Pólen, carvão e sementes como pistas

« Compreender a dinâmica da vegetação é essencial para interpretar as mudanças ecológicas a longo prazo sob diferentes regimes de precipitação e cenários de uso da terra », afirma Marie-Pierre Ledru, paleóloga e paleecologista do IRD. O nordeste do Brasil foi sujeito a perturbações climáticas e antropogênicas nos últimos séculos. Para traçar os sucessivos episódios, a pesquisadora e seus colegas brasileiros conduzem a investigação com base na análise de um núcleo de sedimentos retirado de um pântano do Parque Nacional das Sete Cidades?Estado do Piauí.
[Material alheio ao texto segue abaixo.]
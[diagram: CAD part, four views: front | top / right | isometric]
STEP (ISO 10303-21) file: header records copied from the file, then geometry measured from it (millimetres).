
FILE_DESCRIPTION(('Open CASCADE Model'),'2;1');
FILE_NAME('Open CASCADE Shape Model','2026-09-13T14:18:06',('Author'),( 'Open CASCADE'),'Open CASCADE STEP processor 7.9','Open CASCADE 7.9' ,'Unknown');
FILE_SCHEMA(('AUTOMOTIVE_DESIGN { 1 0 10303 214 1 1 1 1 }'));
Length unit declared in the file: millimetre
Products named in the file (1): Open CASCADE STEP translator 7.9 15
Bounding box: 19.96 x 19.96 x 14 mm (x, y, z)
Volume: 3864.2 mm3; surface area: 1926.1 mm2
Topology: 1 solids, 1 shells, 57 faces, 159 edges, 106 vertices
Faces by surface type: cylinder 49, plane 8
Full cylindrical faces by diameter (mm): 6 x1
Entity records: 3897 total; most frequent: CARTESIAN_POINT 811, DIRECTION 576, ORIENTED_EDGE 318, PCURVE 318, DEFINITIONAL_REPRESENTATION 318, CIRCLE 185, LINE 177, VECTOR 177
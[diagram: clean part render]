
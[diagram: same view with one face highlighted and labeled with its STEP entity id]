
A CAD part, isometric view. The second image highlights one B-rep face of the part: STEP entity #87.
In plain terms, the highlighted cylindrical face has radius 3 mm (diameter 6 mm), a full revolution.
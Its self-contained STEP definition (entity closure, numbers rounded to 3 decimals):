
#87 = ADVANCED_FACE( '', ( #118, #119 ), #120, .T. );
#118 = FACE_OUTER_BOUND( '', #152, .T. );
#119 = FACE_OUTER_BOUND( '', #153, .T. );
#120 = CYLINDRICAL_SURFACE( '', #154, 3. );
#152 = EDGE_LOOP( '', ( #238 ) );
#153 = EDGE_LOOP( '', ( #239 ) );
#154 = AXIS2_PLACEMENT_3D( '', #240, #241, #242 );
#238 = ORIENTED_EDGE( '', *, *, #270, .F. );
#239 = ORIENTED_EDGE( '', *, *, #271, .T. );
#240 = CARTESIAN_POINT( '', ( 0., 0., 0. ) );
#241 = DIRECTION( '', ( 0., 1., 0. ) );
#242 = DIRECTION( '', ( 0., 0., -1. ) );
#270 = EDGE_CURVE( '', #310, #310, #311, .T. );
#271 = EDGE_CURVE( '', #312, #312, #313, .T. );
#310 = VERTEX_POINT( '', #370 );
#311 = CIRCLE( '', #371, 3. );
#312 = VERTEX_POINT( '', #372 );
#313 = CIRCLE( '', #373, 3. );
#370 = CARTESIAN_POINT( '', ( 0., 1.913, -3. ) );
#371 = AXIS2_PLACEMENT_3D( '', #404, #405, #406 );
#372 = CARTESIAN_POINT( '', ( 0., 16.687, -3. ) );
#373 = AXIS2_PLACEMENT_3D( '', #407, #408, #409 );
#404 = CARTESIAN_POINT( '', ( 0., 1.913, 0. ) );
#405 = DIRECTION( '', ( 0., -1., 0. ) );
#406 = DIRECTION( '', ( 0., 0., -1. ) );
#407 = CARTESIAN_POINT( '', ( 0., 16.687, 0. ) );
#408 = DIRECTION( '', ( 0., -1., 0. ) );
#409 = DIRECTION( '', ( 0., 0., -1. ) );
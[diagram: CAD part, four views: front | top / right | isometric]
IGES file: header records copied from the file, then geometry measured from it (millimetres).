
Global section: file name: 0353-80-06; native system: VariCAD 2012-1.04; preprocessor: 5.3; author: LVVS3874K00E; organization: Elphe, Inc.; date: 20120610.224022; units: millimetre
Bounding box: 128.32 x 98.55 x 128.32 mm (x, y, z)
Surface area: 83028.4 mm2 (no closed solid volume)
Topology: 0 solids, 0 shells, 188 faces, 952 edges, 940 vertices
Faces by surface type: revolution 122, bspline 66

Com efeito, para a conservação de indicadores biológicos como os grãos de pólen, é necessário realizar o coring num ambiente úmido (anaeróbico)?privado ôxigieno em permanência, o que é bastante raro no nordeste do Cerrado. Os cientistas encontraram estas condições num prado pantanoso no parque. Este último oferece dois outros interesses: o seu rico patrimônio arqueológico e o fato de ter sido colocado sob proteção total em 1961, quando toda a atividade humana foi interrompida. O pólen, as sementes e o carvão vegetal contidos nas amostras do núcleo são pistas para reconstruir o passado: os dois primeiros fornecem informações sobre a vegetação, enquanto que o último indica que houve incêndios.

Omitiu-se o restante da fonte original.